Test the server with the included client:

uv run client.py

Available Tools

`get_docs`

Search documentation for specific libraries and queries.

Parameters:

query (string): The search query (e.g., "How to publish a package with UV")
library (string): The library to search in (langchain, openai, llama-index, uv)

Example:

result = await session.call_tool("get_docs", {
    "query": "How to publish a package with uv on gitlab",
    "library": "uv"
})

🔧 Configuration

Supported Libraries

LangChain: python.langchain.com/docs
OpenAI: platform.openai.com/docs
Llama-Index: docs.llamaindex.ai/en/stable
UV: docs.astral.sh/uv

LLM Model

Currently configured to use llama-3.1-8b-instant from Groq.
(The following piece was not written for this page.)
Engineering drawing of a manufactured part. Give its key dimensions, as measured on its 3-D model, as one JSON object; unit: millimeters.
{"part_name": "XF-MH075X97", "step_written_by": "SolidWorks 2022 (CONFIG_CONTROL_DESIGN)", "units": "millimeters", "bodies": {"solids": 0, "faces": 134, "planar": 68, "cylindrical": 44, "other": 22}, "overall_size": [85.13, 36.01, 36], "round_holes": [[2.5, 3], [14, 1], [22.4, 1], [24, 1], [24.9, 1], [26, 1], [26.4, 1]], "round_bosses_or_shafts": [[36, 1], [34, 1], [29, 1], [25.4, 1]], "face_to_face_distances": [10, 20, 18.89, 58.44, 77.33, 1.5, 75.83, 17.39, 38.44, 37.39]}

You can modify this in:

mcp_server.py (line 52)
client.py (line 41)

⚠️ Common Issues & Solutions

Rate Limiting

If you encounter rate limit errors:

Wait: Rate limits reset after a short period (usually 60 seconds)
Upgrade: Consider upgrading your Groq plan for higher limits
Optimize: Reduce the chunk size in fetch_url function
Retry: The system will automatically retry after rate limit resets

API Key Issues

Ensure your .env file is in the root directory
Verify API keys are valid and active
Check that you have sufficient credits/quota

Import Errors

Make sure you're running commands from within the virtual environment:

source .venv/bin/activate  # On Linux/Mac
# or
.venv\Scripts\activate     # On Windows

🛠️ Development

Adding New Documentation Sources

To add support for new documentation sites, update the docs_urls dictionary in mcp_server.py:

docs_urls = {
    "your-library": "docs.yourlibrary.com",
    # ... existing entries
}

Popular Libraries You Can Add:

FastAPI: fastapi.tiangolo.com
Django: docs.djangoproject.com
Flask: flask.palletsprojects.com
Pandas: pandas.pydata.org/docs
NumPy: numpy.org/doc
Scikit-learn: scikit-learn.org/stable
TensorFlow: tensorflow.org/api_docs
PyTorch: pytorch.org/docs
Requests: docs.python-requests.org
Pydantic: docs.pydantic.dev
SQLAlchemy: docs.sqlalchemy.org
Celery: docs.celeryq.dev
Streamlit: docs.streamlit.io
Gradio: gradio.app/docs

Simply add any library's official documentation URL to expand the search capabilities!

Customizing LLM Behavior

Modify the system prompts in:

fetch_url() function for web scraping behavior
client.py for response formatting

📊 Performance Notes

Token Usage: Each web page can consume 1000-5000 tokens depending on content size
Rate Limits: Free Groq tier allows 6000 tokens per minute
Processing Time: Typical response time is 5-15 seconds per query
Concurrent Requests: Limited by API rate limits

🤝 Contributing

Fork the repository
Create a feature branch
Make your changes
Test thoroughly
Submit a pull request

📄 License

This project is licensed under the MIT License - see the LICENSE file for details.

🆘 Support

If you encounter issues:

Check the Common Issues section
Verify your API keys and quotas
Ensure you're using the latest dependencies
Open an issue with detailed error messages

🔗 Useful Links

Note: This tool is designed for educational and development purposes. Please respect rate limits and terms of service for all APIs used.